Similarity in two 2x2 Matrices and finding the S in A=SBS-1

Question

I am doing something wrong here and I am not sure what.

The object of the exercise is to find the S for similar matrices $A$ and $B$.

$A=SBS^{-1}$

with $B=\begin{pmatrix}4& 1\\1& 2\end{pmatrix}$

and $A=\begin{pmatrix}1& 1\\-2& 5\end{pmatrix}$

I assumed it had something to do with the Eigenvectors and a basis built from them (because that is the current topic in the course), but it isn't working out. I only need the $S$, but I'd like the $S^{-1}$ as well, to better understand what's going on.
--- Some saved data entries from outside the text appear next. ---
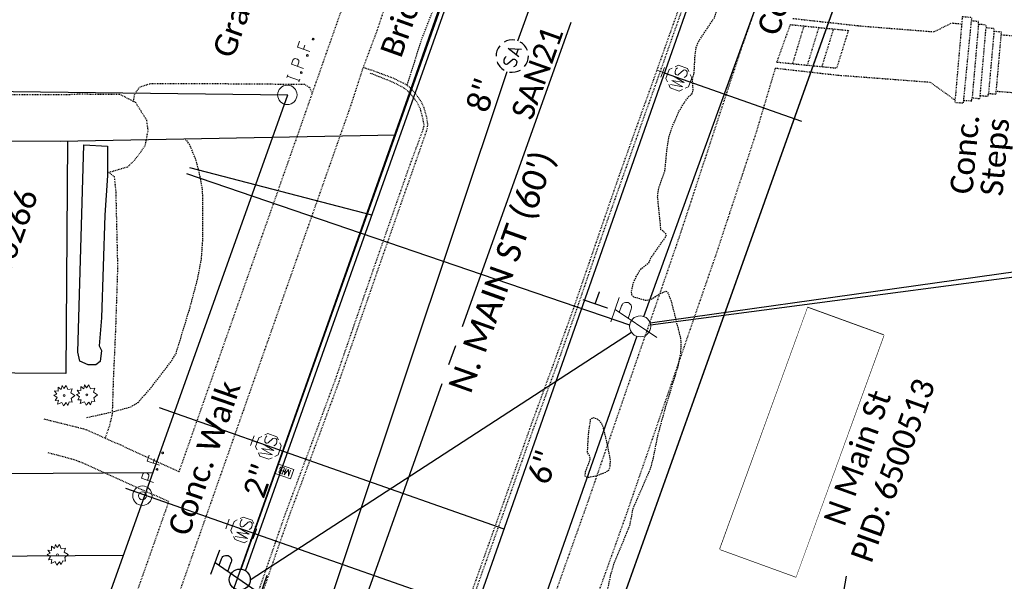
# Model space of a CAD drawing. Header units: feet. Extents: x 2296871 to 2305194, y 360020 to 364238.
# Tile 35 of 55: x 2301822 to 2301944, y 362637 to 362707. Entities that reach past the tile are written whole.
import ezdxf
from ezdxf.enums import TextEntityAlignment as Align

# ---------------------------------------------------------------- set-up
doc = ezdxf.new("R2010")
doc.units = ezdxf.units.FT
doc.header["$MEASUREMENT"] = 0
doc.set_wipeout_variables(frame=1)
for name, pattern in [('cl10', [50, 2.5, -2.5, 40, -2.5, 2.5]), ('gasex', [0]), ('OhDOT_USTN1', [0.055, 0.014, -0.041]), ('OhDOT_USTN3', [0.22, 0.165, -0.055]), ('OhDOT_USTN5', [0.11, 0.055, -0.055]), ('ohelecex', [0]), ('ohteleex', [0]), ('rowex', [0]), ('sanex', [0]), ('shrublt', [0]), ('waterex', [0])]:
    doc.linetypes.add(name, pattern=pattern)
for name, color, linetype in [('BD_X_Building', 231, 'Continuous'), ('DT_X_Contour_Major', 132, 'OhDOT_USTN3'), ('DV_X_Property_Line', 7, 'Continuous'), ('PV_X_Curb', 120, 'OhDOT_USTN1'), ('PV_X_Driveway', 7, 'OhDOT_USTN5'), ('PV_X_EOP', 7, 'OhDOT_USTN3'), ('PV_X_Steps', 120, 'OhDOT_USTN1'), ('PV_X_Text', 7, 'Continuous'), ('PV_X_Walk', 120, 'OhDOT_USTN5'), ('RD_X_Cells', 7, 'Continuous'), ('RW_X_CL_10', 6, 'cl10'), ('RW_X_Fee_RW', 6, 'rowex'), ('RW_X_Text', 7, 'Continuous'), ('SN_X_Public', 3, 'Continuous'), ('SV_X_Mon_Cells_Found', 7, 'Continuous'), ('SV_X_Text_Name', 7, 'Continuous'), ('SV_X_Text_Name_MASK', 7, 'Continuous'), ('UT_X_Electric_Cells', 1, 'Continuous'), ('UT_X_Gas', 2, 'gasex'), ('UT_X_Gas_Text', 7, 'Continuous'), ('UT_X_Overhead_Electric', 1, 'ohelecex'), ('UT_X_Overhead_Telecom', 30, 'ohteleex'), ('UT_X_Sanitary_Cells', 3, 'Continuous'), ('UT_X_Sanitary_Line', 3, 'sanex'), ('UT_X_Sanitary_Text', 7, 'Continuous'), ('UT_X_Water', 133, 'waterex'), ('UT_X_Water_Cells', 131, 'Continuous'), ('UT_X_Water_Text', 7, 'Continuous'), ('VG_X_Cells', 3, 'Continuous'), ('VG_X_Flower_Bed', 3, 'OhDOT_USTN1'), ('VG_X_Shrub_Line_Lt', 3, 'shrublt')]:
    doc.layers.add(name, color=color, linetype=linetype)
doc.styles.add('Simplex Normal (0.14)', font='calibri.ttf', dxfattribs={"height": 0.14})
doc.styles.add('Straight Normal (0.14) Font 30', font='calibri.ttf', dxfattribs={"height": 0.14})
doc.styles.add('Straight-Normal', font='calibri.ttf', dxfattribs={"height": 0.14})

# ---------------------------------------------------------------- blocks, each defined once
blk = doc.blocks.new('smh')
at = {"linetype": 'Continuous', "flags": 128}
for points in [[(-0.33, 0.69), (-0.36, 0.71), (-0.4, 0.74), (-0.51, 0.78), (-0.65, 0.8), (-0.75, 0.8), (-0.79, 0.8), (-0.95, 0.76), (-1.09, 0.69), (-1.18, 0.59), (-1.2, 0.49), (-1.2, 0.41), (-1.18, 0.31), (-1.08, 0.22), (-0.38, -0.16), (-0.32, -0.21), (-0.29, -0.26), (-0.27, -0.33), (-0.27, -0.41), (-0.28, -0.48), (-0.29, -0.53), (-0.32, -0.6), (-0.34, -0.65), (-0.37, -0.69), (-0.41, -0.72), (-0.45, -0.75), (-0.5, -0.77), (-0.53, -0.79), (-0.65, -0.8), (-0.82, -0.8), (-0.94, -0.77), (-1.1, -0.69), (-1.2, -0.61)], [(0.21, -0.8), (0.71, 0.8), (1.2, -0.8)], [(1.08, -0.42), (0.34, -0.42)]]:
    blk.add_lwpolyline(points, dxfattribs=at)
at = {"linetype": 'Continuous'}
for start, end in [(130.0806, 170.0721), (70.0577, 110.1061), (10.0169, 50.0392), (190.0169, 230.0392), (310.0114, 350.0264), (250.0577, 290.0473)]:
    blk.add_arc((0, 0), 2, start, end, dxfattribs=at)
blk = doc.blocks.new('ODOT SANITARY MANHOLE')
blk.add_blockref('smh', (0, 0))
blk = doc.blocks.new('IPF')
at = {"layer": 'SV_X_Mon_Cells_Found', "color": 7, "linetype": 'Continuous', "lineweight": 0, "flags": 128}
for points in [[(0.1007, 0.04), (0.1184, 0.04)], [(0.1095, -0.04), (0.1095, 0.04)], [(0.1878, -0.04), (0.1878, 0.04), (0.2143, 0.04), (0.217, 0.0394), (0.2209, 0.0381), (0.2225, 0.0368), (0.2242, 0.0356), (0.2264, 0.0324), (0.228, 0.0293), (0.2291, 0.0242), (0.2291, 0.0167), (0.2286, 0.0142), (0.2275, 0.0104), (0.2253, 0.006), (0.2231, 0.0041), (0.2214, 0.0028), (0.2187, 0.0016), (0.2143, 0.0009), (0.1878, 0.0009)], [(0.3383, 0.04), (0.3002, 0.04), (0.3002, -0.04)], [(0.3002, 0.0009), (0.3272, 0.0009)], [(0.1007, -0.04), (0.1184, -0.04)], [(0.1575, -0.0293), (0.1602, -0.0293), (0.1619, -0.0305), (0.1635, -0.0331), (0.1635, -0.0362), (0.1619, -0.0387), (0.1602, -0.04), (0.1575, -0.04), (0.1558, -0.0387), (0.1542, -0.0362), (0.1542, -0.0331), (0.1558, -0.0305), (0.1575, -0.0293)], [(0.2699, -0.0293), (0.2727, -0.0293), (0.2743, -0.0305), (0.276, -0.0331), (0.276, -0.0362), (0.2743, -0.0387), (0.2727, -0.04), (0.2699, -0.04), (0.2683, -0.0387), (0.2666, -0.0362), (0.2666, -0.0331), (0.2683, -0.0305), (0.2699, -0.0293)], [(0.3774, -0.0293), (0.3801, -0.0293), (0.3818, -0.0305), (0.3835, -0.0331), (0.3835, -0.0362), (0.3818, -0.0387), (0.3801, -0.04), (0.3774, -0.04), (0.3757, -0.0387), (0.3741, -0.0362), (0.3741, -0.0331), (0.3757, -0.0305), (0.3774, -0.0293)]]:
    blk.add_lwpolyline(points, dxfattribs=at)
at = {"layer": 'SV_X_Mon_Cells_Found', "color": 7, "linetype": 'Continuous', "lineweight": 0}
blk.add_circle((0, 0), 0.06, dxfattribs=at)
blk = doc.blocks.new('SHRUB')
at = {"layer": 'VG_X_Cells', "color": 3, "linetype": 'Continuous', "lineweight": 0, "flags": 128}
blk.add_lwpolyline([(-0.004, 0.09), (0.026, 0.127), (0.047, 0.075), (0.101, 0.084), (0.084, 0.033), (0.132, 0.003), (0.089, -0.034), (0.101, -0.079), (0.064, -0.076), (0.047, -0.121), (0.026, -0.087), (-0.008, -0.128), (-0.029, -0.083), (-0.08, -0.105), (-0.071, -0.058), (-0.111, -0.062), (-0.088, -0.022), (-0.126, 0.006), (-0.089, 0.019), (-0.119, 0.059), (-0.073, 0.054), (-0.074, 0.106), (-0.037, 0.077), (-0.026, 0.127), (-0.004, 0.09)], dxfattribs=at)
at = {"layer": 'VG_X_Cells', "color": 3, "linetype": 'Continuous', "lineweight": 0}
blk.add_circle((0, 0), 0.0115, dxfattribs=at)
blk = doc.blocks.new('SGN1P_1')
at = {"lineweight": 0}
for p, q in [((0, 0.08), (0, -0.08)), ((0, 0), (-0.08, 0))]:
    blk.add_line(p, q, dxfattribs=at)
blk = doc.blocks.new('SIGN')
for p, q in [((0, 1.6), (0, -1.6)), ((0, 0), (-1.6, 0))]:
    blk.add_line(p, q)
at = {"xscale": 20, "yscale": 20, "zscale": 20}
blk.add_blockref('SGN1P_1', (0, 0), dxfattribs=at)
blk = doc.blocks.new('ODOT MISC MAILBOX')
at = {"color": 230, "linetype": 'Continuous', "lineweight": 13, "flags": 128}
blk.add_lwpolyline([(-0.1, 0.061), (0.1, 0.061), (0.1, -0.061), (-0.1, -0.061), (-0.1, 0.061)], close=True, dxfattribs=at)
for points in [[(-0.065, -0.04), (-0.065, 0.04), (-0.036, -0.04), (-0.008, 0.04), (-0.008, -0.04)], [(0.051, 0.003), (0.054, 0.007), (0.056, 0.009), (0.057, 0.01), (0.058, 0.012), (0.059, 0.014), (0.06, 0.016), (0.061, 0.02), (0.061, 0.022), (0.061, 0.025), (0.061, 0.029), (0.059, 0.032), (0.057, 0.034), (0.054, 0.037), (0.052, 0.038), (0.05, 0.039), (0.047, 0.04), (0.016, 0.04), (0.016, -0.04), (0.051, -0.04), (0.055, -0.037), (0.059, -0.034), (0.062, -0.029), (0.064, -0.024), (0.065, -0.018), (0.065, -0.014), (0.064, -0.01), (0.061, -0.005), (0.058, -0.001), (0.051, 0.003), (0.016, 0.003)]]:
    blk.add_lwpolyline(points, dxfattribs=at)
at = {"color": 230, "linetype": 'Continuous', "lineweight": 30}
blk.add_point((0, 0), dxfattribs=at)
blk = doc.blocks.new('ODOT Elec Tele Pole')
at = {"layer": 'UT_X_Electric_Cells', "linetype": 'Continuous', "lineweight": 13}
for p, q in [((0.0482, 0.18), (-0.0321, -0.12)), ((0.1282, 0.18), (-0.0318, 0.18)), ((0.0402, 0.15), (0.0827, 0.15)), ((0.0231, 0.0862), (0.0827, 0.0862))]:
    blk.add_line(p, q, dxfattribs=at)
at = {"layer": 'UT_X_Electric_Cells', "linetype": 'Continuous', "lineweight": 0}
blk.add_circle((0, 0), 0.065, dxfattribs=at)
at = {"layer": 'UT_X_Electric_Cells', "linetype": 'Continuous', "lineweight": 13, "extrusion": (0, 0, -1)}
blk.add_arc((-0.0833, 0.1181), 0.0319, 88.8767, 271.1233, dxfattribs=at)
blk = doc.blocks.new('TLPW')
at = {"linetype": 'Continuous'}
for p, q in [((0.0482, 0.18), (-0.0402, -0.15)), ((0.1282, 0.18), (-0.0318, 0.18)), ((0.0402, 0.15), (0.0827, 0.15)), ((0.0231, 0.0863), (0.0827, 0.0863)), ((0.0798, -0.15), (-0.0402, -0.15))]:
    blk.add_line(p, q, dxfattribs=at)
blk.add_circle((0, 0), 0.065, dxfattribs=at)
at = {"linetype": 'Continuous', "extrusion": (0, 0, -1)}
blk.add_arc((-0.0833, 0.1181), 0.0319, 88.8767, 271.1233, dxfattribs=at)
blk = doc.blocks.new('ODOT ELEC TELE LIGHT POLE')
blk.add_blockref('TLPW', (0, 0))
blk = doc.blocks.new('WSS')
at = {"layer": 'UT_X_Water_Cells', "color": 133, "linetype": 'Continuous', "lineweight": 0}
for p, q in [((0, 0.0741), (0, 0.1376)), ((0.0318, 0.1058), (-0.0319, 0.1058)), ((0.0202, 0.0083), (0.0553, -0.0101))]:
    blk.add_line(p, q, dxfattribs=at)
at = {"layer": 'UT_X_Water_Cells', "color": 133, "linetype": 'Continuous', "lineweight": 0, "flags": 128}
for points in [[(0.0448, 0.0588), (0.0296, 0.0741), (-0.0297, 0.0741), (-0.0448, 0.059)], [(-0.0588, 0.0448), (-0.0741, 0.0297), (-0.0741, -0.0296), (-0.059, -0.0447)], [(-0.0554, 0.0355), (-0.0413, -0.0408), (-0.0272, 0.0355), (-0.013, -0.0408), (0.0013, 0.0355)], [(0.0588, -0.0447), (0.074, -0.0296), (0.074, 0.0297), (0.0588, 0.0448)], [(-0.045, -0.0587), (-0.0297, -0.074), (0.0296, -0.074), (0.0448, -0.0588)]]:
    blk.add_lwpolyline(points, dxfattribs=at)
at = {"layer": 'UT_X_Water_Cells', "color": 133, "linetype": 'Continuous', "lineweight": 0, "extrusion": (0, 0, -1)}
for centre, radius, start, end in [((-0.0277, 0.0195), 0.0135, 303.63245, 53.74127), ((-0.0388, -0.0047), 0.04, 61.34633, 118.65367), ((-0.0372, -0.0091), 0.0316, 235.60372, 316.33053), ((-0.0438, -0.0225), 0.017, 132.06416, 228.51167)]:
    blk.add_arc(centre, radius, start, end, dxfattribs=at)
blk = doc.blocks.new('IPIPE')
at = {"layer": 'SV_X_Mon_Cells_Found', "color": 7, "linetype": 'Continuous', "lineweight": 0, "flags": 128}
for points in [[(0.0999, -0.04), (0.0999, 0.04), (0.1263, 0.04), (0.1291, 0.0394), (0.1329, 0.0381), (0.1346, 0.0368), (0.1362, 0.0356), (0.1384, 0.0324), (0.1401, 0.0293), (0.1412, 0.0242), (0.1412, 0.0167), (0.1406, 0.0142), (0.1395, 0.0104), (0.1373, 0.006), (0.1351, 0.0041), (0.1335, 0.0028), (0.1307, 0.0016), (0.1263, 0.0009), (0.0999, 0.0009)], [(0.2503, 0.04), (0.2123, 0.04), (0.2123, -0.04)], [(0.2123, 0.0009), (0.2393, 0.0009)], [(0.182, -0.0293), (0.1847, -0.0293), (0.1864, -0.0305), (0.188, -0.0331), (0.188, -0.0362), (0.1864, -0.0387), (0.1847, -0.04), (0.182, -0.04), (0.1803, -0.0387), (0.1787, -0.0362), (0.1787, -0.0331), (0.1803, -0.0305), (0.182, -0.0293)], [(0.2895, -0.0293), (0.2922, -0.0293), (0.2939, -0.0305), (0.2955, -0.0331), (0.2955, -0.0362), (0.2939, -0.0387), (0.2922, -0.04), (0.2895, -0.04), (0.2878, -0.0387), (0.2861, -0.0362), (0.2861, -0.0331), (0.2878, -0.0305), (0.2895, -0.0293)]]:
    blk.add_lwpolyline(points, dxfattribs=at)
at = {"layer": 'SV_X_Mon_Cells_Found', "color": 7, "linetype": 'Continuous', "lineweight": 0}
for radius in [0.06, 0.0247]:
    blk.add_circle((0, 0), radius, dxfattribs=at)

msp = doc.modelspace()

# ---------------------------------------------------------------- linework, layer by layer
at = {"layer": 'BD_X_Building', "flags": 128}
msp.add_lwpolyline([(2301783.84, 362692.12), (2301828.4, 362691.84), (2301828.22, 362663.11), (2301784.05, 362663.39), (2301784.08, 362668.56), (2301778.76, 362668.6), (2301778.82, 362679.3), (2301783.76, 362679.26)], close=True, dxfattribs=at)
at = {"layer": 'DT_X_Contour_Major', "elevation": 985, "flags": 128}
for points in [[(2301865.74, 362514.77), (2301862.73, 362513.04), (2301862.47, 362513.35), (2301863.72, 362517.91), (2301865.02, 362519.81), (2301864.33, 362520.96), (2301861, 362524.13), (2301860.55, 362526.49), (2301861.08, 362528.89), (2301860.83, 362531.03), (2301861.31, 362532.38), (2301861.85, 362532.87), (2301862.24, 362534.63), (2301862.43, 362536.15), (2301862.23, 362536.69), (2301862.42, 362538.07), (2301863.05, 362540.62), (2301864.02, 362543.41), (2301865.2, 362546.39), (2301865.7, 362547.36), (2301866.15, 362548.49), (2301866.73, 362550.81), (2301867.3, 362552.54), (2301868.1, 362554.42), (2301869.01, 362557.32), (2301870.85, 362560.8), (2301871.58, 362562.99), (2301872.88, 362567.87), (2301873.85, 362570.3), (2301875.01, 362572.81), (2301878.66, 362580.02), (2301879.16, 362581.51), (2301879.44, 362582.99), (2301879.68, 362585), (2301880.29, 362587.04), (2301880.66, 362589.19), (2301881.29, 362591.79), (2301882.99, 362597.47), (2301883.72, 362599.55), (2301883.94, 362599.85), (2301884.63, 362600.34), (2301886.61, 362601.41), (2301887.98, 362602.05), (2301889.03, 362602.39), (2301890.8, 362602.6), (2301895.3, 362602.74), (2301895.23, 362602.9), (2301893.21, 362604.5), (2301892.93, 362604.81), (2301892.88, 362605.02), (2301893.68, 362610.01), (2301893.73, 362610.88), (2301893.52, 362612.69), (2301893.65, 362613.32), (2301894.07, 362613.66), (2301895.36, 362614.02), (2301895.68, 362614.26), (2301895.79, 362614.52), (2301895.82, 362615.25), (2301895.36, 362617.9), (2301895.14, 362618.54), (2301892.82, 362622.08), (2301892.74, 362622.41), (2301892.7, 362625.97), (2301892.84, 362627.75), (2301893.03, 362628.77), (2301894.26, 362631.92), (2301895.67, 362638.45), (2301896.09, 362639.79), (2301897.96, 362644.28), (2301898.37, 362646.4), (2301900.53, 362651.35), (2301900.86, 362652.58), (2301901.43, 362655.43), (2301902.35, 362658.79), (2301903.9, 362663.85), (2301904.25, 362665.52), (2301904.33, 362666.73), (2301904.27, 362667.46), (2301903.13, 362671.98), (2301902.66, 362673.17), (2301902.44, 362673.25), (2301901.78, 362673.01), (2301900.45, 362672.17), (2301899.89, 362672.15), (2301898.47, 362672.54), (2301898.25, 362672.76), (2301898.17, 362673.21), (2301898.38, 362674.25), (2301898.78, 362675.17), (2301899.35, 362676.07), (2301900.34, 362676.84), (2301900.58, 362677.44), (2301902.36, 362679.97), (2301902.49, 362680.29), (2301902.02, 362680.79), (2301901.81, 362680.89), (2301901.4, 362684.99), (2301901.53, 362686.01), (2301902.3, 362688.18), (2301902.57, 362690.98), (2301902.79, 362692.31), (2301903.23, 362693.66), (2301904.02, 362695.49), (2301904.62, 362696.51), (2301905.28, 362697.42), (2301905.66, 362697.76), (2301905.79, 362698.19), (2301905.71, 362699.49), (2301905.92, 362700.36), (2301906.03, 362702.43), (2301906.17, 362703.45), (2301906.48, 362704.22), (2301908.42, 362707.13), (2301909.05, 362709.04), (2301910.35, 362714.5), (2301910.72, 362716.89), (2301910.98, 362720.68), (2301911.09, 362721.4), (2301911.29, 362721.87), (2301912.01, 362722.57), (2301913.83, 362723.84), (2301916.77, 362726.49), (2301918.1, 362727.25), (2301918.41, 362727.55), (2301919.84, 362731.85), (2301921.65, 362736.21), (2301921.87, 362737.17), (2301921.9, 362737.65), (2301921.14, 362740.98), (2301920.82, 362743.74), (2301920.78, 362745.82), (2301921.17, 362747.11), (2301922.09, 362749.17), (2301923.34, 362753.94), (2301925.24, 362757.37), (2301926.96, 362761.99), (2301927.8, 362763.95), (2301928.84, 362766.06), (2301931, 362770.13), (2301934.64, 362777.75), (2301935.96, 362780.84), (2301936.72, 362782.99), (2301938.92, 362791.08), (2301941.1, 362795.93), (2301947.36, 362813.23), (2301949.91, 362818.57), (2301950.39, 362819.88), (2301950.97, 362821), (2301951.87, 362822.36), (2301955.11, 362826.51), (2301956.33, 362828.53), (2301956.76, 362829.47), (2301957.59, 362834.15), (2301958.25, 362835.93), (2301962.16, 362844.57), (2301963.35, 362848.26), (2301965.1, 362852.32), (2301966, 362854.73), (2301966.52, 362856.73), (2301967.08, 362860.07), (2301967.76, 362862.73), (2301969.11, 362865.78), (2301970.78, 362869.22), (2301972.1, 362871.55), (2301972.95, 362873.61), (2301973.25, 362874.61), (2301974.73, 362878.19), (2301977.02, 362884.84), (2301977.97, 362886.63), (2301980.61, 362892.76), (2301982.96, 362898.95), (2301986.2, 362904.99), (2301989.56, 362912.02), (2301990.29, 362913.85), (2301991.07, 362917.13), (2301992.42, 362920.53), (2301995.55, 362927.43), (2301996.15, 362928.9), (2301996.95, 362932.81), (2301997.4, 362934.52), (2301997.86, 362935.62), (2301999.18, 362937.46), (2301999.97, 362938.26), (2302002.86, 362939.99), (2302005.18, 362941.17), (2302007.03, 362941.85), (2302008.46, 362942.49), (2302010.05, 362943.37), (2302014.52, 362946.91), (2302016.13, 362947.84), (2302017.42, 362948.86), (2302018.65, 362949.66), (2302020.14, 362950.45)], [(2301830.78, 362657.66), (2301833.56, 362658.27), (2301836.23, 362658.98), (2301837.11, 362659.5), (2301838.65, 362661.24), (2301841.24, 362664.62), (2301841.83, 362665.57), (2301843.49, 362671), (2301844.48, 362674.68), (2301844.97, 362677.25), (2301845.16, 362679.87), (2301845.16, 362684.92), (2301845.08, 362686.06), (2301844.7, 362688.04), (2301844.27, 362689.63), (2301843.64, 362691.15), (2301843.27, 362691.81), (2301843.02, 362691.97)]]:
    msp.add_lwpolyline(points, dxfattribs=at)
msp.add_lwpolyline([(2301893.03, 362652.51), (2301892.45, 362650.94), (2301892.39, 362650.45), (2301892.47, 362650.34), (2301892.86, 362650.28), (2301893.76, 362650.44), (2301895.06, 362650.93), (2301895.35, 362651.16), (2301895.51, 362651.5), (2301895.57, 362652.36), (2301895.22, 362654.23), (2301894.69, 362656.39), (2301894.49, 362656.9), (2301894.21, 362657.27), (2301893.73, 362657.56), (2301893.37, 362657.61), (2301893.07, 362657.43), (2301892.81, 362655.57), (2301892.68, 362653.29), (2301892.92, 362653.02), (2301893.03, 362652.51)], close=True, dxfattribs=at)
at = {"layer": 'DV_X_Property_Line', "flags": 128}
for points in [[(2301678.71, 362649.8), (2301838.98, 362650.87)], [(2301835.3, 362640.57), (2301675.13, 362639.46)]]:
    msp.add_lwpolyline(points, dxfattribs=at)
at = {"layer": 'PV_X_Curb', "flags": 128}
for points in [[(2301909.91, 362724.77), (2301909.38, 362723.41), (2301906.81, 362715.91), (2301904.52, 362709.71), (2301900.92, 362699.57), (2301899.15, 362694.65), (2301896.62, 362687.57), (2301893.43, 362678.31), (2301890.98, 362671.16), (2301888.5, 362664.27), (2301885.58, 362656.3), (2301882.56, 362647.79), (2301878.77, 362637.15), (2301876.03, 362629.37), (2301871.96, 362618.22)], [(2301910.3, 362724.61), (2301909.77, 362723.28), (2301907.21, 362715.76), (2301904.92, 362709.57), (2301901.34, 362699.43), (2301899.57, 362694.5), (2301897.07, 362687.41), (2301893.81, 362678.18), (2301891.36, 362671.02), (2301888.92, 362664.12), (2301885.98, 362656.16), (2301882.96, 362647.65), (2301879.15, 362637.01), (2301876.42, 362629.23), (2301872.34, 362618.08)], [(2301819.63, 362571.43), (2301825.19, 362571.39), (2301827, 362571.74), (2301827.93, 362572.03), (2301828.97, 362572.54), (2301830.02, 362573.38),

I've calculated the diagonal matrices for both and the corresponding $T$ and $T^{-1}$ transformation matrices, but no combination of them multiplied with $B=A$. Am I over complicating things?

Thanks in advance!

Answer 1

$$S=\begin{pmatrix}a&b\\c&d\end{pmatrix}\;,\;\;\;\text{and}\;\;\;A=SBS^{-1}\iff AS=SB\iff$$

$$AS=\begin{pmatrix}1&1\\\!\!-2&5\end{pmatrix}\begin{pmatrix}a&b\\c&d\end{pmatrix}=\begin{pmatrix}\;\;\,a+c&\;\;\,b+d\\-2a+5c&-2b+5d\end{pmatrix}=\begin{pmatrix}4a+b&a+2b\\4c+d&c+2d\end{pmatrix}=\begin{pmatrix}a&b\\c&d\end{pmatrix}\begin{pmatrix}4&1\\1&2\end{pmatrix}$$

Well, now you "just have" a linear system in $\;4\;$ unknowns:

$$\begin{cases}a+c=4a+b\\b+d=a+2b\\-2a+5c=4c+d\\-2b+5d=c+2d\end{cases}$$

Solving it you get, for example,

$$S=\begin{pmatrix}1&\!\!-1\\2&0\end{pmatrix}\implies S^{-1}=\begin{pmatrix}0&\frac12\\\!\!-1&\frac12\end{pmatrix}$$

Answer 2

$A=PDP^{−1}=P(Q^{−1}BQ)P⟹S=PQ^{−1}$
with $P$ and $Q$ built from the Eigenvectors.

$P$ \begin{matrix} 1-\sqrt{2}& 1+\sqrt{2}\\ 1& 1& \end{matrix}

$P^{-1}$ \begin{matrix} -1/2\sqrt{2}& (1+\sqrt{2})/2\sqrt{2}\\ 1/2\sqrt{2}& (-1+\sqrt{2})/2\sqrt{2}& \end{matrix}

$Q$ \begin{matrix} 1+(1/\sqrt{2})& 1-(1/\sqrt{2})\\ 1& 1& \end{matrix}

$Q^{-1}$ \begin{matrix} 1/\sqrt{2}& (1/2)-(1/\sqrt{2})\\ -1/\sqrt{2}& (1/2)+(1/\sqrt{2})& \end{matrix}